Pull each line containing "Front" from the data.

'''

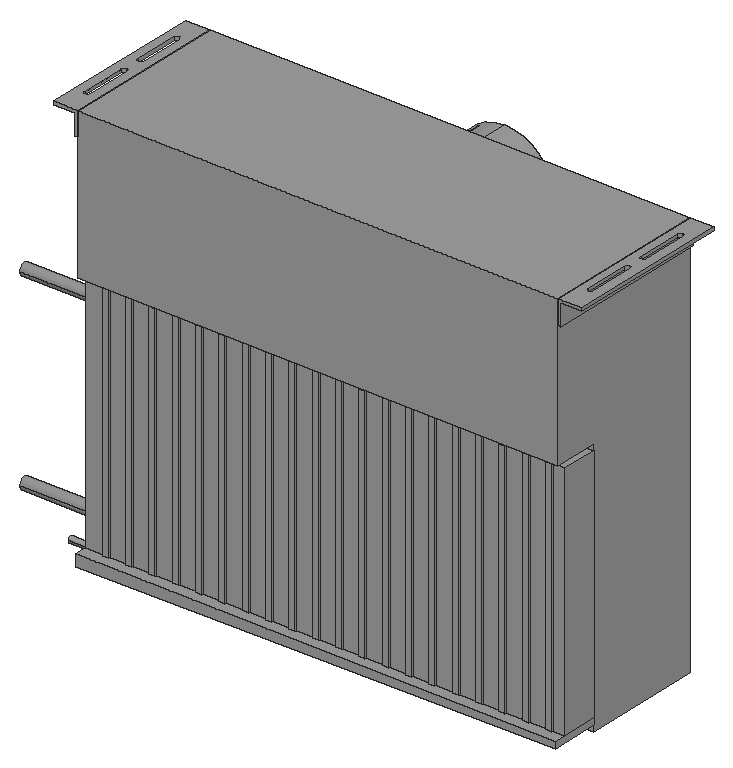
Revit family "York CB-ABV-YK - Vertical Recessed Active Chilled Beam,Generic,Revit 2015 R1.1", category Mechanical Equipment, Revit 2015 (continued)
Definition of nested family "Coil"
  Automatic sketch dimensions
    Extrusion 45 sketch curve to Extrusion 45 sketch curve = 10"
    Extrusion 46 sketch curve to Extrusion 46 sketch curve = 10"
    Extrusion 47 sketch curve to Extrusion 47 sketch curve = 10"
    Extrusion 48 sketch curve to Extrusion 48 sketch curve = 10"
    Extrusion 49 sketch curve to Extrusion 49 sketch curve = 10"
    Extrusion 50 sketch curve to Extrusion 50 sketch curve = 10"
    Extrusion 51 sketch curve to Extrusion 51 sketch curve = 10"
    Extrusion 52 sketch curve to Extrusion 52 sketch curve = 10"
    Extrusion 53 sketch curve to Extrusion 53 sketch curve = 10"
    Extrusion 54 sketch curve to Extrusion 54 sketch curve = 10"
    Extrusion 55 sketch curve to Extrusion 55 sketch curve = 10"
    Extrusion 56 sketch curve to Extrusion 56 sketch curve = 10"
    Extrusion 57 sketch curve to Extrusion 57 sketch curve = 10"
    Extrusion 58 sketch curve to Extrusion 58 sketch curve = 10"
    Extrusion 59 sketch curve to Extrusion 59 sketch curve = 10"
    Extrusion 60 sketch curve to Extrusion 60 sketch curve = 10"
    Extrusion 61 sketch curve to Extrusion 61 sketch curve = 10"
    Extrusion 62 sketch curve to Extrusion 62 sketch curve = 10"
    Extrusion 63 sketch curve to Extrusion 63 sketch curve = 10"
    Extrusion 64 sketch curve to Extrusion 64 sketch curve = 10"
    Extrusion 65 sketch curve to Extrusion 65 sketch curve = 10"
Definition of nested family "Condensate Tray"
  Parameters (values of type "Family4")
    Material = none
    A = 20"
  Reference planes (in)
    plane 1 "Center (Front/Back)": y = 0
    plane 2: z = 0
    plane 3 "Center (Left/Right)": x = 0
    plane 4: z = 0.5
    plane 5: x = -10
    plane 6: x = 10
    plane 7: z = 0.25
    plane 8: y = -1
    plane 9: y = 1
  Forms (in)
    Extrusion 1, solid, material <- "Material"
      sketch origin (0, 0, 0) x (1, 0, 0) y (0, 0, 1)
        loop
          line (-10, 0.5) -> (-10, 0.25) -> (10, 0) -> (10, 0.5) -> (-10, 0.5)
      from -1 to 1
    Extrusion 2, solid, material <- "Material"
      sketch origin (0, 0, 0) x (0, 1, 0) y (0, 0, 1)
        loop
          circle (0, 0.25) r 0.125
      from 10 to 11
  Lines and regions (in)
    reference lines
      curve 1: line (0, 0, 0) -> (0, 8, 0)
      curve 2: line (0, 0, 0) -> (7.53896, 0, 0)
  Dimensions and locks (in)
    locked: plane 4 to plane 2 at 0.5
    equal spacing: plane 6, plane 3 "Center (Left/Right)", plane 5
    locked: plane 4 to plane 7 at 0.25
    "A": plane 6 to plane 5
    equal spacing: plane 8, plane 1 "Center (Front/Back)", plane 9
    locked: plane 8 to plane 9 at 2
    locked: Extrusion 2 to plane 6 at 1
    diameter of Extrusion 2 sketch curve = 1/4"
    aligned and locked: plane 2 to level
    aligned and locked: Extrusion 1 sketch curve to plane 4
    aligned and locked: plane 5 to Extrusion 1 sketch curve
    aligned and locked: Extrusion 1 sketch curve to plane 6
    aligned and locked: plane 7 to Extrusion 1 sketch curve
    aligned and locked: plane 2 to Extrusion 1 sketch curve
    aligned and locked: plane 9 to Extrusion 1
    aligned and locked: Extrusion 1 to plane 8
    aligned and locked: plane 3 "Center (Left/Right)" to curve 1
    aligned and locked: plane 1 "Center (Front/Back)" to curve 2
    aligned and locked: plane 1 "Center (Front/Back)" to Extrusion 2 sketch curve
    aligned and locked: plane 7 to Extrusion 2 sketch curve
    aligned and locked: Extrusion 2 to plane 6
  Automatic sketch dimensions
    curve 2 to plane 6 = 2.46104"
    plane 9 to curve 1 = 7"
Definition of nested family "Model Name"
  Parameters (values of type "Model Name")
    Width = 47/64"
    Model Name = "Enter Tag Here"
  Reference planes (in)
    plane 1: y = 0
    plane 2: x = 0
  Text (in)
    label "XX" at (-0.00532, -0.00012, 0), shows "Model Name"
Definition of nested family "Arrow - (Show Direction)"
  Parameters (values of type "Arrow")
    Arrow Hatch Yes/No [instance] = yes
  Reference planes (in)
    plane 1 "Center (Front/Back)": y = 0
    plane 2: z = 0
    plane 3 "Center (Left/Right)": x = 0
  Lines and regions (in)
    Filled region 1, type "Solid Fill - RGB 192-192-192", in view "Ref. Level", visible <- "Arrow Hatch Yes/No", detail levels coarse
      outline origin (0, -10.07266, 0) x (0, 1, 0) y (-1, 0, 0)
        loop
          line (9.84252, 2.53887) -> (9.84252, 0.49213)
          arc (9.84252, 0.49213) -> (9.81205, 0.42573) -> (9.74422, 0.39862) r 0.09843
          line (9.74422, 0.39862) -> (6.00381, 0.58564)
          arc (6.00381, 0.58564) -> (5.93598, 0.55852) -> (5.90551, 0.49213) r 0.09843
          line (5.90551, 0.49213) -> (5.90551, -0.49213)
          arc (5.90551, -0.49213) -> (5.93598, -0.55852) -> (6.00381, -0.58564) r 0.09843
          line (6.00381, -0.58564) -> (9.74422, -0.39862)
          arc (9.74422, -0.39862) -> (9.81205, -0.42573) -> (9.84252, -0.49213) r 0.09843
          line (9.84252, -0.49213) -> (9.84252, -2.53887)
          arc (9.84252, -2.53887) -> (9.87183, -2.58685) -> (9.92803, -2.58855) r 0.05906
          line (9.92803, -2.58855) -> (14.12654, -0.19495)
          arc (14.12654, -0.19495) -> (14.23981, 0) -> (14.12654, 0.19495) r 0.22441
          line (14.12654, 0.19495) -> (9.92803, 2.58855)
          arc (9.92803, 2.58855) -> (9.87183, 2.58685) -> (9.84252, 2.53887) r 0.05906
    detail lines, in view "Ref. Level", detail levels coarse
      curve 1: line (-0.19495, 4.05388, 0) -> (-2.58855, -0.14464, 0)
      curve 2: line (0.19495, 4.05388, 0) -> (2.58855, -0.14464, 0)
      curve 3: line (-2.53887, -0.23014, 0) -> (-0.49213, -0.23014, 0)
      curve 4: line (0.49213, -0.23014, 0) -> (2.53887, -0.23014, 0)
      curve 5: line (-0.39862, -0.32844, 0) -> (-0.58564, -4.06885, 0)
      curve 6: line (-0.49213, -4.16715, 0) -> (0.49213, -4.16715, 0)
      curve 7: line (0.58564, -4.06885, 0) -> (0.39862, -0.32844, 0)
      curve 8: arc (-2.53887, -0.23014, 0) -> (-2.58685, -0.20083, 0) -> (-2.58855, -0.14464, 0) r 0.05906
      curve 9: arc (2.53887, -0.23014, 0) -> (2.58685, -0.20083, 0) -> (2.58855, -0.14464, 0) r 0.05906
      curve 10: arc (-0.39862, -0.32844, 0) -> (-0.42573, -0.26061, 0) -> (-0.49213, -0.23014, 0) r 0.09843
      curve 11: arc (0.39862, -0.32844, 0) -> (0.42573, -0.26061, 0) -> (0.49213, -0.23014, 0) r 0.09843
      curve 12: arc (-0.58564, -4.06885, 0) -> (-0.55852, -4.13668, 0) -> (-0.49213, -4.16715, 0) r 0.09843
      curve 13: arc (0.58564, -4.06885, 0) -> (0.55852, -4.13668, 0) -> (0.49213, -4.16715, 0) r 0.09843
      curve 14: arc (0.19495, 4.05388, 0) -> (0, 4.16715, 0) -> (-0.19495, 4.05388, 0) r 0.22441

'''

### Response for this exercise
    plane 1 "Center (Front/Back)": y = 0
    equal spacing: plane 8, plane 1 "Center (Front/Back)", plane 9
    aligned and locked: plane 1 "Center (Front/Back)" to curve 2
    aligned and locked: plane 1 "Center (Front/Back)" to Extrusion 2 sketch curve
    plane 1 "Center (Front/Back)": y = 0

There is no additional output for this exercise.